Copy out each line below containing "Level".

----

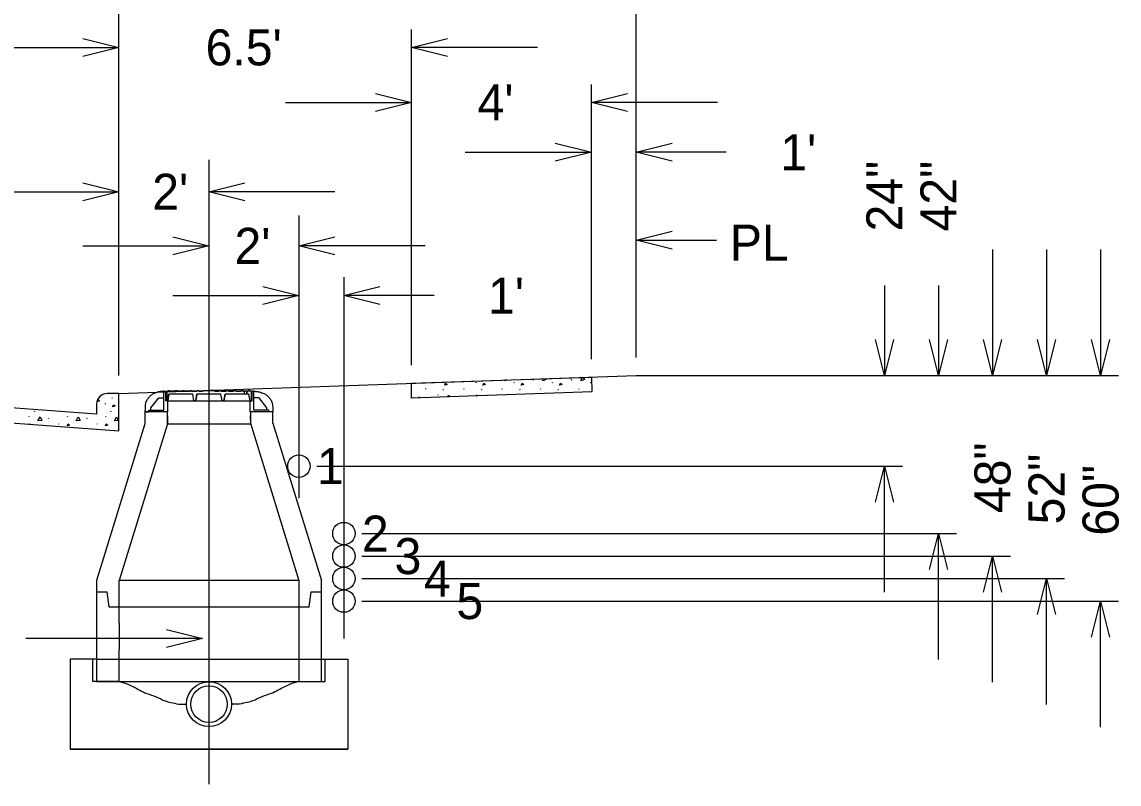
# Model space of a CAD drawing. Extents: x 524397 to 525117, y 3701341 to 3701821.
# Drawn here: x 524566.58 to 524615.33, y 3701716.61 to 3701750.49 of the extents above; entities that cross this region are included whole.
import ezdxf

# ---------------------------------------------------------------- set-up
doc = ezdxf.new("R2010")
doc.units = 0
doc.layers.add('Level 11', color=7, linetype='Continuous')

msp = doc.modelspace()

# ---------------------------------------------------------------- linework, layer by layer
at = {"layer": 'Level 11'}
for p, q in [((524593.871, 3701735.572), (524593.871, 3701755.982)), ((524570.885, 3701734.769), (524570.885, 3701753.21)), ((524593.871, 3701735.572), (524593.871, 3701753.21)), ((524570.885, 3701734.769), (524570.885, 3701750.16)), ((524583.885, 3701735.223), (524583.885, 3701750.16)), ((524565.281, 3701749.36), (524570.885, 3701749.36)), ((524569.284, 3701749.76), (524570.885, 3701749.36)), ((524569.284, 3701749.76), (524570.885, 3701749.36)), ((524570.885, 3701749.36), (524569.284, 3701748.96)), ((524570.885, 3701749.36), (524569.284, 3701748.96)), ((524583.885, 3701749.36), (524585.486, 3701749.76)), ((524589.488, 3701749.36), (524583.885, 3701749.36)), ((524585.486, 3701748.96), (524583.885, 3701749.36)), ((524583.885, 3701735.223), (524583.885, 3701747.714)), ((524591.88, 3701735.502), (524591.88, 3701747.714)), ((524578.281, 3701746.914), (524583.885, 3701746.914)), ((524582.284, 3701747.314), (524583.885, 3701746.914)), ((524583.885, 3701746.914), (524582.284, 3701746.514)), ((524591.88, 3701746.914), (524593.481, 3701747.314)), ((524597.484, 3701746.914), (524591.88, 3701746.914)), ((524593.481, 3701746.514), (524591.88, 3701746.914)), ((524591.88, 3701735.502), (524591.88, 3701745.5)), ((524593.871, 3701735.572), (524593.871, 3701745.5)), ((524590.279, 3701745.1), (524591.88, 3701744.7)), ((524593.871, 3701744.7), (524595.472, 3701745.1)), ((524586.276, 3701744.7), (524591.88, 3701744.7)), ((524591.88, 3701744.7), (524590.279, 3701744.3)), ((524597.874, 3701744.7), (524593.871, 3701744.7)), ((524595.472, 3701744.3), (524593.871, 3701744.7)), ((524574.885, 3701744.366), (524574.885, 3701716.606)), ((524570.885, 3701735.569), (524570.885, 3701743.742)), ((524574.885, 3701743.481), (524574.885, 3701742.141)), ((524569.284, 3701743.342), (524570.885, 3701742.942)), ((524574.885, 3701742.942), (524576.486, 3701743.342)), ((524565.281, 3701742.942), (524570.885, 3701742.942)), ((524570.885, 3701742.942), (524569.284, 3701742.542)), ((524580.488, 3701742.942), (524574.885, 3701742.942)), ((524576.486, 3701742.542), (524574.885, 3701742.942)), ((524578.885, 3701741.886), (524578.885, 3701741.836)), ((524578.885, 3701741.886), (524578.885, 3701729.316)), ((524593.877, 3701740.791), (524595.478, 3701741.191)), ((524573.284, 3701740.936), (524574.885, 3701740.536)), ((524578.885, 3701740.536), (524580.486, 3701740.936)), ((524593.877, 3701740.791), (524597.445, 3701740.791)), ((524595.478, 3701740.391), (524593.877, 3701740.791)), ((524569.281, 3701740.536), (524574.885, 3701740.536)), ((524574.885, 3701740.536), (524573.284, 3701740.136)), ((524584.488, 3701740.536), (524578.885, 3701740.536)), ((524580.486, 3701740.136), (524578.885, 3701740.536)), ((524609.706, 3701740.375), (524609.706, 3701734.771)), ((524612.107, 3701740.375), (524612.107, 3701734.771)), ((524614.509, 3701740.375), (524614.509, 3701734.771)), ((524574.885, 3701739.791), (524574.885, 3701739.735)), ((524578.885, 3701739.791), (524578.885, 3701739.735)), ((524580.885, 3701739.137), (524580.885, 3701723.082)), ((524580.885, 3701739.137), (524580.885, 3701739.1)), ((524577.284, 3701738.722), (524578.885, 3701738.322)), ((524580.885, 3701738.322), (524582.486, 3701738.722)), ((524604.903, 3701738.774), (524604.903, 3701734.771)), ((524607.304, 3701738.774), (524607.304, 3701734.771)), ((524573.281, 3701738.322), (524578.885, 3701738.322)), ((524578.885, 3701738.322), (524577.284, 3701737.922)), ((524580.885, 3701738.336), (524580.885, 3701737.522)), ((524584.888, 3701738.322), (524580.885, 3701738.322)), ((524582.486, 3701737.922), (524580.885, 3701738.322)), ((524578.885, 3701737.594), (524578.885, 3701737.522)), ((524604.903, 3701734.771), (524604.503, 3701736.372)), ((524605.303, 3701736.372), (524604.903, 3701734.771)), ((524607.304, 3701734.771), (524606.904, 3701736.372)), ((524607.705, 3701736.372), (524607.304, 3701734.771)), ((524609.706, 3701734.771), (524609.306, 3701736.372)), ((524610.106, 3701736.372), (524609.706, 3701734.771)), ((524612.107, 3701734.771), (524611.707, 3701736.372)), ((524612.507, 3701736.372), (524612.107, 3701734.771)), ((524614.509, 3701734.771), (524614.108, 3701736.372)), ((524614.909, 3701736.372), (524614.509, 3701734.771)), ((524570.885, 3701733.969), (524593.871, 3701734.772)), ((524583.885, 3701734.423), (524591.88, 3701734.702)), ((524591.88, 3701734.702), (524591.903, 3701734.043)), ((524593.871, 3701734.772), (524598.085, 3701734.772)), ((524593.871, 3701734.772), (524599.632, 3701734.772)), ((524593.871, 3701734.772), (524601.179, 3701734.772)), ((524593.871, 3701734.772), (524602.725, 3701734.772)), ((524593.871, 3701734.772), (524604.272, 3701734.772)), ((524603.526, 3701734.771), (524605.703, 3701734.771)), ((524603.526, 3701734.771), (524608.105, 3701734.771)), ((524603.526, 3701734.771), (524610.506, 3701734.771)), ((524603.526, 3701734.771), (524612.908, 3701734.771)), ((524603.526, 3701734.771), (524615.309, 3701734.771)), ((524583.885, 3701733.763), (524583.885, 3701734.423)), ((524585.041, 3701734.463), (524585.042, 3701734.448)), ((524586.74, 3701734.48), (524586.744, 3701734.448)), ((524588.442, 3701734.48), (524588.445, 3701734.448)), ((524589.299, 3701734.569), (524589.313, 3701734.601)), ((524590.143, 3701734.48), (524590.147, 3701734.448)), ((524591, 3701734.569), (524591.015, 3701734.601)), ((524591.845, 3701734.48), (524591.848, 3701734.448)), ((524570.885, 3701733.969), (524570.372, 3701733.969)), ((524570.372, 3701733.969), (524570.385, 3701733.969)), ((524570.591, 3701733.756), (524570.605, 3701733.788)), ((524570.885, 3701732.307), (524570.885, 3701733.969)), ((524572.303, 3701733.339), (524572.653, 3701733.777)), ((524572.653, 3701733.777), (524572.886, 3701733.776)), ((524572.886, 3701734.067), (524572.886, 3701734.067)), ((524572.886, 3701734.067), (524572.969, 3701734.067)), ((524572.886, 3701733.776), (524572.886, 3701734.067)), ((524572.886, 3701733.235), (524572.886, 3701733.776)), ((524572.969, 3701733.651), (524572.969, 3701734.067)), ((524573.011, 3701734.067), (524573.011, 3701733.651)), ((524573.053, 3701734.067), (524573.011, 3701734.067)), ((524573.011, 3701734.067), (524573.053, 3701734.067)), ((524573.011, 3701733.651), (524573.011, 3701734.067)), ((524573.052, 3701733.651), (524573.104, 3701733.943)), ((524573.104, 3701733.943), (524573.052, 3701733.651)), ((524573.053, 3701734.067), (524573.068, 3701734.109)), ((524573.053, 3701734.067), (524573.068, 3701734.109)), ((524573.068, 3701734.109), (524573.131, 3701734.109)), ((524573.068, 3701734.109), (524573.131, 3701734.109)), ((524574.167, 3701733.943), (524573.104, 3701733.943)), ((524574.167, 3701733.943), (524573.104, 3701733.943)), ((524573.146, 3701734.067), (524573.131, 3701734.109)), ((524573.131, 3701734.109), (524573.146, 3701734.067)), ((524573.377, 3701734.067), (524573.146, 3701734.067)), ((524573.146, 3701734.067), (524573.377, 3701734.067)), ((524573.377, 3701734.067), (524573.392, 3701734.109)), ((524573.377, 3701734.067), (524573.392, 3701734.109)), ((524573.392, 3701734.109), (524573.452, 3701734.109)), ((524573.392, 3701734.109), (524573.452, 3701734.109)), ((524573.467, 3701734.067), (524573.452, 3701734.109)), ((524573.452, 3701734.109), (524573.467, 3701734.067)), ((524573.693, 3701734.067), (524573.467, 3701734.067)), ((524573.467, 3701734.067), (524573.693, 3701734.067)), ((524573.693, 3701734.067), (524573.708, 3701734.109)), ((524573.693, 3701734.067), (524573.708, 3701734.109)), ((524573.708, 3701734.109), (524573.776, 3701734.109)), ((524573.708, 3701734.109), (524573.776, 3701734.109)), ((524573.791, 3701734.067), (524573.776, 3701734.109)), ((524573.776, 3701734.109), (524573.791, 3701734.067)), ((524574.02, 3701734.067), (524573.791, 3701734.067)), ((524573.791, 3701734.067), (524574.02, 3701734.067)), ((524574.02, 3701734.067), (524574.036, 3701734.109)), ((524574.02, 3701734.067), (524574.036, 3701734.109)), ((524574.036, 3701734.109), (524574.101, 3701734.109)), ((524574.036, 3701734.109), (524574.101, 3701734.109)), ((524574.116, 3701734.067), (524574.101, 3701734.109)), ((524574.101, 3701734.109), (524574.116, 3701734.067)), ((524574.343, 3701734.067), (524574.116, 3701734.067)), ((524574.116, 3701734.067), (524574.343, 3701734.067)), ((524574.218, 3701733.651), (524574.167, 3701733.943)), ((524574.218, 3701733.651), (524574.167, 3701733.943)), ((524574.302, 3701733.651), (524574.353, 3701733.943)), ((524574.353, 3701733.943), (524574.302, 3701733.651)), ((524574.343, 3701734.067), (524574.358, 3701734.109)), ((524574.343, 3701734.067), (524574.358, 3701734.109)), ((524575.416, 3701733.943), (524574.353, 3701733.943)), ((524575.416, 3701733.943), (524574.353, 3701733.943)), ((524574.358, 3701734.109), (524574.416, 3701734.109)), ((524574.358, 3701734.109), (524574.416, 3701734.109)), ((524574.432, 3701734.067), (524574.416, 3701734.109)), ((524574.416, 3701734.109), (524574.432, 3701734.067)), ((524574.618, 3701734.067), (524574.432, 3701734.067)), ((524574.432, 3701734.067), (524574.618, 3701734.067)), ((524574.618, 3701734.067), (524574.634, 3701734.109)), ((524574.618, 3701734.067), (524574.634, 3701734.109)), ((524574.634, 3701734.109), (524574.884, 3701734.109)), ((524574.634, 3701734.109), (524575.136, 3701734.109)), ((524575.136, 3701734.109), (524574.884, 3701734.109)), ((524575.151, 3701734.067), (524575.136, 3701734.109)), ((524575.136, 3701734.109), (524575.151, 3701734.067)), ((524575.338, 3701734.067), (524575.151, 3701734.067)), ((524575.151, 3701734.067), (524575.338, 3701734.067)), ((524575.338, 3701734.067), (524575.353, 3701734.109)), ((524575.338, 3701734.067), (524575.353, 3701734.109)), ((524575.411, 3701734.109), (524575.353, 3701734.109)), ((524575.353, 3701734.109), (524575.411, 3701734.109)), ((524575.426, 3701734.067), (524575.411, 3701734.109)), ((524575.411, 3701734.109), (524575.426, 3701734.067)), ((524575.468, 3701733.651), (524575.416, 3701733.943)), ((524575.468, 3701733.651), (524575.416, 3701733.943)), ((524575.653, 3701734.067), (524575.426, 3701734.067)), ((524575.426, 3701734.067), (524575.653, 3701734.067)), ((524575.551, 3701733.651), (524575.602, 3701733.943)), ((524575.602, 3701733.943), (524575.551, 3701733.651)), ((524576.665, 3701733.943), (524575.602, 3701733.943)), ((524576.446, 3701733.943), (524575.602, 3701733.943)), ((524575.653, 3701734.067), (524575.669, 3701734.109)), ((524575.653, 3701734.067), (524575.669, 3701734.109)), ((524575.734, 3701734.109), (524575.669, 3701734.109)), ((524575.669, 3701734.109), (524575.734, 3701734.109)), ((524575.749, 3701734.067), (524575.734, 3701734.109)), ((524575.734, 3701734.109), (524575.749, 3701734.067)), ((524575.978, 3701734.067), (524575.749, 3701734.067)), ((524575.749, 3701734.067), (524575.978, 3701734.067)), ((524575.978, 3701734.067), (524575.993, 3701734.109)), ((524575.978, 3701734.067), (524575.993, 3701734.109)), ((524576.061, 3701734.109), (524575.993, 3701734.109)), ((524575.993, 3701734.109), (524576.061, 3701734.109)), ((524576.076, 3701734.067), (524576.061, 3701734.109)), ((524576.061, 3701734.109), (524576.076, 3701734.067)), ((524576.303, 3701734.067), (524576.076, 3701734.067)), ((524576.076, 3701734.067), (524576.303, 3701734.067)), ((524576.303, 3701734.067), (524576.317, 3701734.109)), ((524576.303, 3701734.067), (524576.317, 3701734.109)), ((524576.377, 3701734.109), (524576.317, 3701734.109)), ((524576.317, 3701734.109), (524576.377, 3701734.109)), ((524576.392, 3701734.067), (524576.377, 3701734.109)), ((524576.377, 3701734.109), (524576.392, 3701734.067)), ((524576.623, 3701734.067), (524576.392, 3701734.067)), ((524576.392, 3701734.067), (524576.446, 3701734.067)), ((524576.446, 3701734.067), (524576.446, 3701733.943)), ((524576.446, 3701734.067), (524576.446, 3701733.943)), ((524576.571, 3701734.067), (524576.571, 3701733.943)), ((524576.571, 3701734.067), (524576.623, 3701734.067)), ((524576.571, 3701733.943), (524576.571, 3701734.067)), ((524576.665, 3701733.943), (524576.571, 3701733.943)), ((524576.623, 3701734.067), (524576.639, 3701734.109)), ((524576.623, 3701734.067), (524576.639, 3701734.109)), ((524576.701, 3701734.109), (524576.639, 3701734.109)), ((524576.639, 3701734.109), (524576.701, 3701734.109)), ((524576.717, 3701733.651), (524576.665, 3701733.943)), ((524576.717, 3701733.651), (524576.665, 3701733.943)), ((524576.716, 3701734.067), (524576.701, 3701734.109)), ((524576.701, 3701734.109), (524576.716, 3701734.067)), ((524576.758, 3701734.067), (524576.716, 3701734.067)), ((524576.716, 3701734.067), (524576.758, 3701734.067)), ((524576.758, 3701734.067), (524576.758, 3701733.651)), ((524576.758, 3701734.067), (524576.758, 3701733.651)), ((524576.8, 3701733.651), (524576.8, 3701734.067)), ((524576.883, 3701734.067), (524576.8, 3701734.067)), ((524576.883, 3701733.776), (524576.883, 3701734.067)), ((524577.116, 3701733.777), (524576.883, 3701733.776)), ((524576.883, 3701733.235), (524576.883, 3701733.776)), ((524577.466, 3701733.339), (524577.116, 3701733.777)), ((524591.903, 3701734.043), (524583.885, 3701733.763)), ((524584.23, 3701733.812), (524584.244, 3701733.844)), ((524584.518, 3701734.157), (524584.532, 3701734.189)), ((524585.072, 3701733.894), (524585.086, 3701733.926)), ((524585.281, 3701734.157), (524585.295, 3701734.136)), ((524585.295, 3701734.149), (524585.31, 3701734.128)), ((524585.941, 3701733.835), (524585.946, 3701733.844)), ((524586.219, 3701734.157), (524586.233, 3701734.189)), ((524586.773, 3701733.894), (524586.787, 3701733.926)), ((524586.983, 3701734.157), (524586.997, 3701734.136)), ((524586.997, 3701734.149), (524587.011, 3701734.128)), ((524587.921, 3701734.157), (524587.935, 3701734.189)), ((524588.488, 3701733.924), (524588.489, 3701733.926)), ((524588.684, 3701734.157), (524588.698, 3701734.136)), ((524588.698, 3701734.149), (524588.713, 3701734.128)), ((524589.622, 3701734.157), (524589.636, 3701734.189)), ((524590.386, 3701734.157), (524590.4, 3701734.136)), ((524590.4, 3701734.149), (524590.414, 3701734.128)), ((524591.324, 3701734.157), (524591.338, 3701734.189)), ((524569.885, 3701733.045), (524565.885, 3701733.347)), ((524569.885, 3701733.507), (524569.885, 3701733.045)), ((524570.274, 3701733.521), (524570.277, 3701733.489)), ((524572.219, 3701733.151), (524572.219, 3701733.235)), ((524572.219, 3701733.235), (524572.303, 3701733.235)), ((524572.303, 3701733.235), (524572.303, 3701733.339)), ((524572.303, 3701733.235), (524572.886, 3701733.235)), ((524573.052, 3701733.651), (524572.969, 3701733.651)), ((524573.011, 3701733.651), (524576.758, 3701733.651)), ((524573.052, 3701733.651), (524573.011, 3701733.651)), ((524573.052, 3701733.151), (524573.052, 3701733.651)), ((524574.302, 3701733.651), (524574.218, 3701733.651)), ((524575.551, 3701733.651), (524575.468, 3701733.651)), ((524576.717, 3701733.151), (524576.717, 3701733.651)), ((524576.717, 3701733.651), (524576.8, 3701733.651)), ((524576.758, 3701733.651), (524576.717, 3701733.651)), ((524577.466, 3701733.235), (524576.883, 3701733.235)), ((524577.466, 3701733.235), (524577.466, 3701733.339)), ((524577.549, 3701733.235), (524577.466, 3701733.235)), ((524577.549, 3701733.151), (524577.549, 3701733.235)), ((524566.904, 3701732.935), (524566.918, 3701732.967)), ((524567.113, 3701733.198), (524567.127, 3701733.177)), ((524567.127, 3701733.19), (524567.142, 3701733.169)), ((524567.763, 3701732.853), (524567.778, 3701732.885)), ((524568.605, 3701732.935), (524568.619, 3701732.967)), ((524569.465, 3701732.853), (524569.479, 3701732.885)), ((524570.307, 3701732.935), (524570.321, 3701732.967)), ((524570.516, 3701733.198), (524570.53, 3701733.177)), ((524570.53, 3701733.19), (524570.545, 3701733.169)), ((524572.042, 3701733.151), (524572.042, 3701732.618)), ((524573.052, 3701733.151), (524572.042, 3701733.151)), ((524572.042, 3701733.151), (524572.219, 3701733.151)), ((524573.042, 3701732.619), (524573.042, 3701733.151)), ((524573.042, 3701732.985), (524573.042, 3701732.659)), ((524577.727, 3701733.151), (524576.717, 3701733.151)), ((524576.727, 3701733.151), (524576.727, 3701732.652)), ((524576.727, 3701732.818), (524576.727, 3701732.991)), ((524577.727, 3701733.151), (524576.728, 3701733.151)), ((524577.727, 3701733.151), (524577.549, 3701733.151)), ((524577.727, 3701732.652), (524577.727, 3701733.151)), ((524565.885, 3701732.685), (524570.885, 3701732.307)), ((524568.207, 3701732.626), (524568.222, 3701732.604)), ((524572.042, 3701732.618), (524569.892, 3701725.651)), ((524569.909, 3701732.626), (524569.923, 3701732.604)), ((524573.042, 3701732.619), (524570.891, 3701725.651)), ((524573.042, 3701732.619), (524576.727, 3701732.619)), ((524576.727, 3701732.652), (524578.887, 3701725.656)), ((524577.727, 3701732.652), (524579.886, 3701725.656)), ((524579.685, 3701730.742), (524605.703, 3701730.742)), ((524604.503, 3701729.141), (524604.903, 3701730.742)), ((524604.903, 3701725.138), (524604.903, 3701730.742)), ((524604.903, 3701730.742), (524605.303, 3701729.141)), ((524581.685, 3701727.742), (524608.105, 3701727.742)), ((524606.904, 3701726.141), (524607.304, 3701727.742)), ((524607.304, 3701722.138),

----

## Expected output
doc.layers.add('Level 11', color=7, linetype='Continuous')
at = {"layer": 'Level 11'}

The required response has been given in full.